I diclosed the way in which I get information so that people can weight what I say appropriately. If the fact that nearly everything I hear about MFE courses is 2nd hand from people who've attended them causes you to weight my opinions lower, that is fine by me.

My job is not to tell people what to do, but to help inform their decisions better.
You find a better source of data than me, you have my blessing to share it with anyone you choose, and I will be first in the queue to listen.

I'd go further, and admit that from some persepctives, it is absurd that my opinion is seen as valid at any level, I am after all only a headhunter.
Ideally there would be a better resourced board of industry and academia who would moderate the quality of MFE programs.
Sadly the attempts I have seen either ran out of resources, or produced results that seem to be more a function of the advertising spend by the business school of that university than a serious attempt at analysis. One place, somewhere in Belgium was rated at some golden level by the FT. I will freely admit that I'd never heard of it, or even met an alumnus.

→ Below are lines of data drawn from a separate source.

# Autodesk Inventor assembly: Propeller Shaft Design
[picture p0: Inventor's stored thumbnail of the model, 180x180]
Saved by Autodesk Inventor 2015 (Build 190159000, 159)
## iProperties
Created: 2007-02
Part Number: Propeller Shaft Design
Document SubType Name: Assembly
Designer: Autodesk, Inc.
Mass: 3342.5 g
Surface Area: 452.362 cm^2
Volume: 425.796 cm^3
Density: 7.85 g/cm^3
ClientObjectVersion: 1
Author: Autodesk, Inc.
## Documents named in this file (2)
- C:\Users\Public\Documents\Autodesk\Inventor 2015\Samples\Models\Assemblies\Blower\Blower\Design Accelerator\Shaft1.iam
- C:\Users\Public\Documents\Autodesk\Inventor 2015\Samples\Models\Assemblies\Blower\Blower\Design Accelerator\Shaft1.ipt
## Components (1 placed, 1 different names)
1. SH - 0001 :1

But I am fallible, my data suffers from all the classical issues one has from sampling, and it must be said I do not believe everything I'd told.

Yes, I am comparing the Chicago Singapore programme with the CT one, since it appears to be the same outfit providing the same thing. That again is an explicit assumption that you can choose to regard as invalidating my analysis.

Please feel free to tell me why I'm wrong in making this assumption.

Maybe it will be better in Sg, that's perfectly possible, and does fit another fact that I observe from "live" MFEs in that the satisfaction of students with a course varies quite a lot between years at the same place.
 

stonyblue

New Member
Dominic, you have been contributing a lot of information and analysis to this Chicago/Singapore topic -- thanks a lot .

I believe you defnitely have placed quite a number of CMU MSCF graduates from their NYC Campus. Could you please comment a little bit on the teaching quality , industry perception & student satisfaction regarding it ? -- I am not simply using CMU @ NYC to predict UChicago @ Singapore , that's way too simplistic. Just out of curiosity and want to know more about this off-campus venture.